Appellate Division of the Supreme Court of New York, Fourth Department
May 1, 1900
52 App. Div. 90 (N.Y. App. Div. 1900)

Opinion

May Term, 1900.

Louis L Babcock, for the appellant.

Thomas H. Larkins, for the respondent.



This record presents a very close question as to whether the plaintiff did not, as matter of law, assume the risk. ( Benfield v. Vacuum Oil Co., 75 Hun, 209; 151 N.Y. 671; Farrell v. Tatham, 36 App. Div. 319; Moore v. E.M. Birdsall Co., 22 Wkly. Dig. 528; Koehler v. Syracuse Specialty Mfg. Co., 12 App. Div. 50; Bohn v. Havemeyer, 114 N.Y. 296; Carlson v. Monitor Iron Works, 38 App. Div. 39; Martin v. Cook, 37 N Y St. Repr. 733.) But we think the evidence was sufficient to require the submission to the jury of this question, and also of the questions (1) whether the plaintiff was guilty of contributory negligence, and (2) whether defendant was guilty of negligence.

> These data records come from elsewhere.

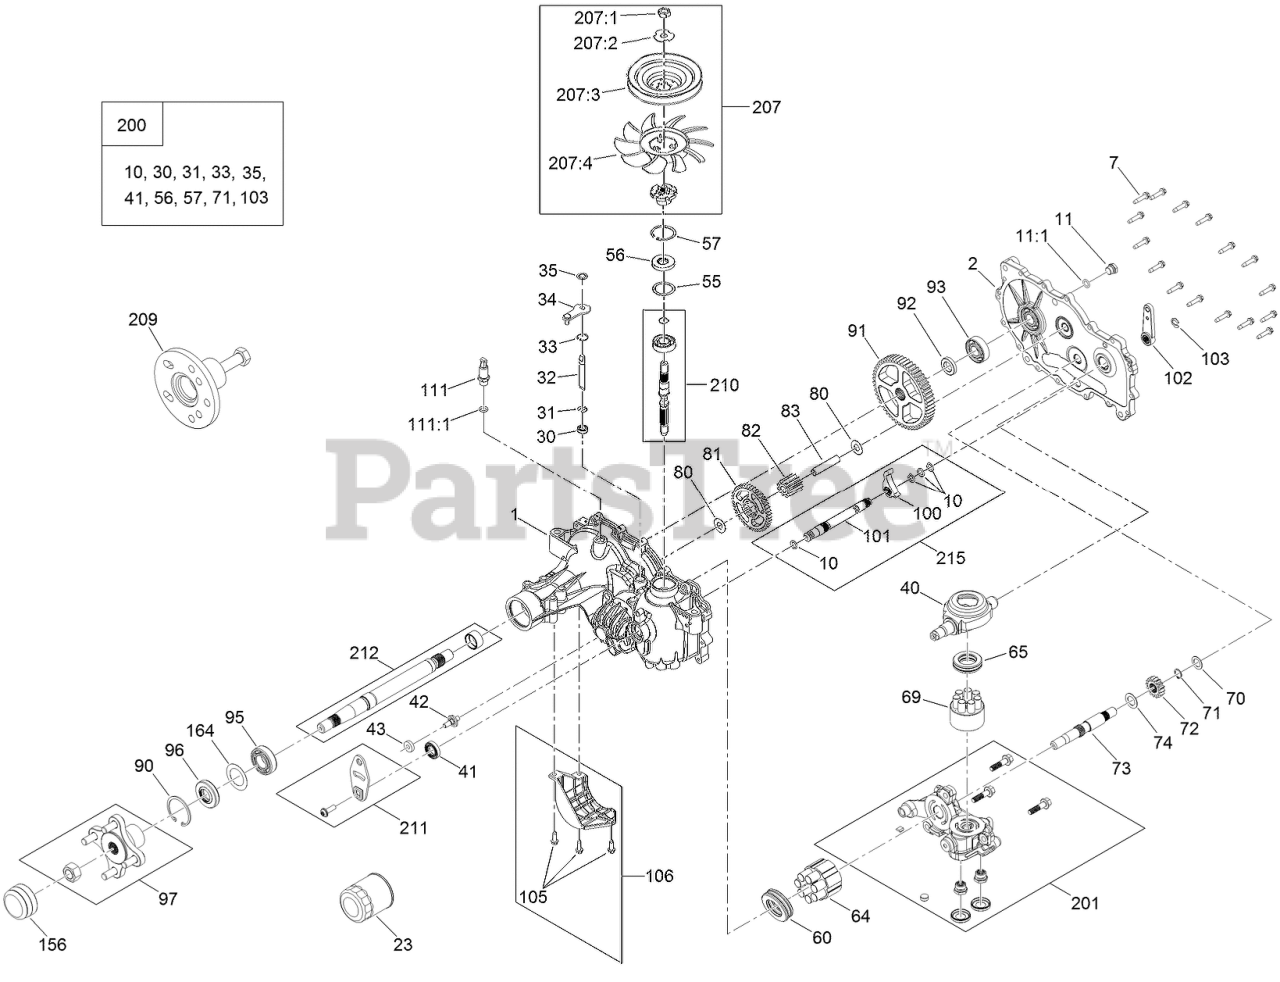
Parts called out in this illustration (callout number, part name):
1	MAIN HOUSING KIT
2	RH SIDE COVER KIT
2	LH SIDE COVER KIT
7	SCREW-HHF
10	O-RING
11:1	O-RING
23	ELEMENT-OIL FILTER, HYD
30	SEAL-LIP
31	RING-RETAINING, EXTERNAL
32	ROD-BYPASS
33	RING-RETAINING, INTERNAL
35	RING-RETAINING, EXTERNAL
40	SWASHPLATE-TRUNNION
41	SEAL-LIP
43	PUCK-FRICTION
55	SPACER
56	SEAL-LIP
57	RING-RETAINING
60	BEARING-THRUST
64	MOTOR CYLINDER BLOCK KIT
65	BEARING-THRUST
69	PUMP BLOCK ASM
70	WASHER-FLAT
71	RING-RETAINING
72	GEAR-16T
73	SHAFT-MOTOR
74	WASHER
80	WASHER
81	GEAR-43T
82	GEAR-11T
83	PIN-JACKSHAFT
90	RING-RETAINING
91	GEAR-54T
92	SPACER
93	BEARING KIT
95	INPUT BEARING KIT
97	HUB KIT
100	PAWL-BRAKE
101	SHAFT-BRAKE, INBOARD
102	HANDLE-BRAKE
103	RING-RETAINING, EXT
106	GUARD-FILTER, RH
106	GUARD-FILTER, LH
111	ADAPTER-STRAIGHT
111:1	O-RING
156	COVER-NUT, AXLE
164	SPACER
200	SEAL KIT
201	RH CENTER SECTION KIT
201	CENTER SECTION KIT
207	FAN AND PULLEY KIT
207:1	NUT-HJ
207:2	WASHER-SLOTTED
207:3	PULLEY-5.34
207:4	FAN 7.0 X 10 BLADE
210	INPUT SHAFT KIT
211	CONTROL ARM KIT
212	AXLE SHAFT KIT
215	BRAKE SHAFT KIT

The defendant had a right to presume that plaintiff possessed the average intelligence and knowledge of a common laborer and of a molder of his experience, and that he would exercise such intelligence and knowledge and ordinary powers of observation to prevent injury to himself. We are of opinion, however, that it required actual experience, special knowledge or scientific skill to know that an explosion would be caused by the contact of molten metal with rust. While such an explosion results from natural laws, it is not a matter of common knowledge or observation. ( Davidson v. Cornell, 132 N.Y. 228; Smith v. Peninsular Car Works, 60 Mich. 501; Rillston v. Mather, 44 Fed. Rep. 743; McGowan v. La Plata M. S. Co., 3 McCrary, 393; Holland v. Tennessee Coal, Iron R.R. Co., 91 Ala. 444; Walker v. L.S. M.S.R. Co., 104 Mich. 606; Swift v. Fue, 66 Ill. App. 651; Mather v. Rillston, 156 U.S. 391.)

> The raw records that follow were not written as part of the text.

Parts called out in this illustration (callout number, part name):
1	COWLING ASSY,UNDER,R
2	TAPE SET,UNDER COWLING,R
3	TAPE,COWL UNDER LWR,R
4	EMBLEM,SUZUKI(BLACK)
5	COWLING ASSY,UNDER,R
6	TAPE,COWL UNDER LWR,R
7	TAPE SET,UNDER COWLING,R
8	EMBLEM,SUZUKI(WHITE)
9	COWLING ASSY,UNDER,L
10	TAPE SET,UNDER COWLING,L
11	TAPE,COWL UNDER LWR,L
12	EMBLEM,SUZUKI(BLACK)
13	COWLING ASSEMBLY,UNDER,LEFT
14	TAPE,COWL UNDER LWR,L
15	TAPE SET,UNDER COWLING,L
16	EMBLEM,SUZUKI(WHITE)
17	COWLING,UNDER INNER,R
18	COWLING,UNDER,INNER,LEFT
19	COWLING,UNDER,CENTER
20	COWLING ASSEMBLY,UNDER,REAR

If the jury believed the testimony of the plaintiff that he did not know the danger, and that his experience and observation had been insufficient to charge him with knowledge thereof, they were justified in finding that the defendant was negligent in not properly instructing him or apprising him of the danger. According to the testimony of the plaintiff, he met with the injuries while endeavoring to follow the instructions of the foreman. Although the precise instructions of the foreman were to pour the molten iron on the sand near the sprue hole, to create a light, and on this occasion it was so dark that plaintiff could not locate the sprue hole sufficiently to enable him to pour the metal near it, yet, in view of such instructions and under all the circumstances disclosed by the record now before us, it became a question for the jury as to whether he was guilty of contributory negligence.

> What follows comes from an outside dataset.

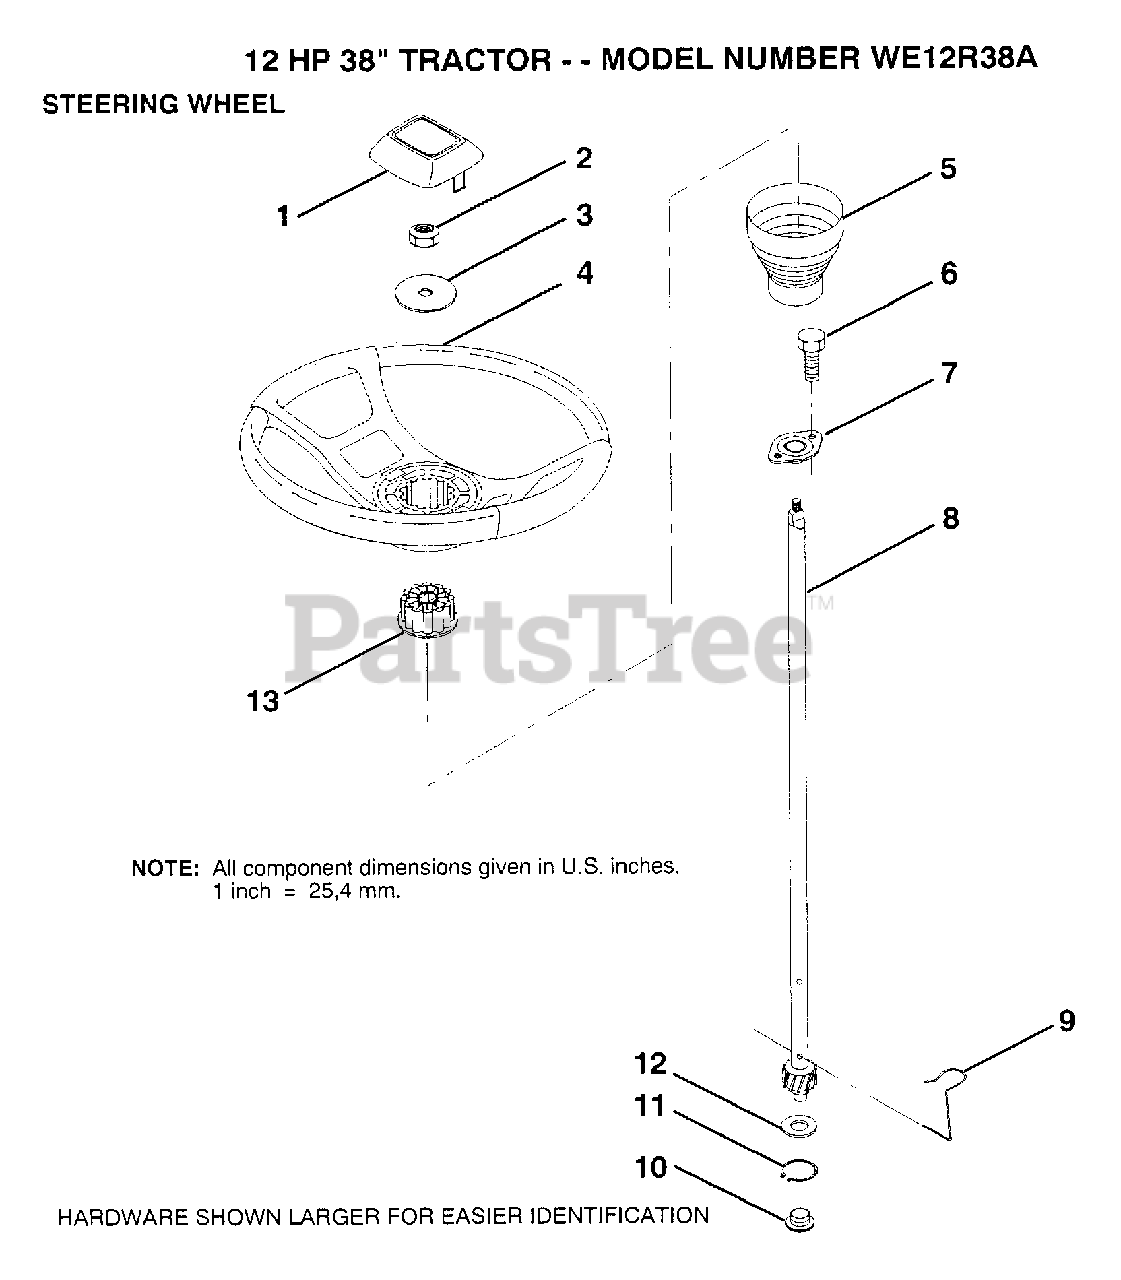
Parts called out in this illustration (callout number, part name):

It would seem that if the plaintiff's failure to light the gas jets in the vicinity of his floor, which he claims were not lighted, contributed to the accident, he would not be entitled to recover; but there being a question of fact as to whether the gas was lighted, and the contention of the appellant on this subject being, not that plaintiff was guilty of negligence in not lighting the gas, but that the failure to light the gas was not the proximate cause of the injuries or imputable to defendant, we refrain from deciding whether it should be held, as matter of law, that such failure constituted contributory negligence.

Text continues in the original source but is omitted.